> _TASK_
Look through the listing below, find every line with the string "HANGER", and copy it.

> _DATA EXTRACT_
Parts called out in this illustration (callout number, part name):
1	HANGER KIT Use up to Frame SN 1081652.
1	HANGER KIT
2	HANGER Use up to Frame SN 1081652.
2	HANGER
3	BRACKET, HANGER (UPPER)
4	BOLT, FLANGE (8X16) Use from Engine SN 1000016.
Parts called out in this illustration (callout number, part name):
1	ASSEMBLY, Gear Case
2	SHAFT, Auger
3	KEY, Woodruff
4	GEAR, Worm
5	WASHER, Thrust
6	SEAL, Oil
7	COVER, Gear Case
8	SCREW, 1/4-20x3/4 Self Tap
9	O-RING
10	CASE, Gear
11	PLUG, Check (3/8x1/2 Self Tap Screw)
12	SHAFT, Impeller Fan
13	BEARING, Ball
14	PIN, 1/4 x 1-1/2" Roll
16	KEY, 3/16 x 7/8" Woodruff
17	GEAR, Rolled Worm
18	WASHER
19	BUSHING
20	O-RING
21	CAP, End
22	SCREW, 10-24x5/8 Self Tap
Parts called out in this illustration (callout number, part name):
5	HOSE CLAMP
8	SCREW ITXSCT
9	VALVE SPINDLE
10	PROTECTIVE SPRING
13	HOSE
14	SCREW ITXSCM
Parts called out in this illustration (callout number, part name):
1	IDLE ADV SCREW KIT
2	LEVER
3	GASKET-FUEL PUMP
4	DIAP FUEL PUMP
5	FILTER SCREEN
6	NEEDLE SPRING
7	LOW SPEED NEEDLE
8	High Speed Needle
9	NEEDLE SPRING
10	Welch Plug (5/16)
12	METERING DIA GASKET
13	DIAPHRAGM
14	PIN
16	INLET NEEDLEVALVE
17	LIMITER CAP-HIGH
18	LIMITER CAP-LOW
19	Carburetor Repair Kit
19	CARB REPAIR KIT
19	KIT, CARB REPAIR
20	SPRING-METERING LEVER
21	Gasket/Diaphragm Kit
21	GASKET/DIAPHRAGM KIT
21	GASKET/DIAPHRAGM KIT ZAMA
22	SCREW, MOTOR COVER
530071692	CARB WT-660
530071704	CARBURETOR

> _SOLUTION FOR THIS TASK_
1	HANGER KIT Use up to Frame SN 1081652.
1	HANGER KIT
2	HANGER Use up to Frame SN 1081652.
2	HANGER
3	BRACKET, HANGER (UPPER)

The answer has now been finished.